==== Extracted data ====
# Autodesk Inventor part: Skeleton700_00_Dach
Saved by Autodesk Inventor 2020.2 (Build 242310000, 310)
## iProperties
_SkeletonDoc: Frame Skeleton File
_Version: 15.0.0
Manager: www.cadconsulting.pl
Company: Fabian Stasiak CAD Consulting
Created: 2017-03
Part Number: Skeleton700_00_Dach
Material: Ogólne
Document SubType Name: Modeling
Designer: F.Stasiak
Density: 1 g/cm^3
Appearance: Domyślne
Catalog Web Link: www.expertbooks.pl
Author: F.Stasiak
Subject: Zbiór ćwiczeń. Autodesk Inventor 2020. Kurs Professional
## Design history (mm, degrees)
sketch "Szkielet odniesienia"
====
- [Required action]:
Reproduce the entries in full, exactly as written.

- [Completed task]:
# Autodesk Inventor part: Skeleton700_00_Dach
Saved by Autodesk Inventor 2020.2 (Build 242310000, 310)
## iProperties
_SkeletonDoc: Frame Skeleton File
_Version: 15.0.0
Manager: www.cadconsulting.pl
Company: Fabian Stasiak CAD Consulting
Created: 2017-03
Part Number: Skeleton700_00_Dach
Material: Ogólne
Document SubType Name: Modeling
Designer: F.Stasiak
Density: 1 g/cm^3
Appearance: Domyślne
Catalog Web Link: www.expertbooks.pl
Author: F.Stasiak
Subject: Zbiór ćwiczeń. Autodesk Inventor 2020. Kurs Professional
## Design history (mm, degrees)
sketch "Szkielet odniesienia"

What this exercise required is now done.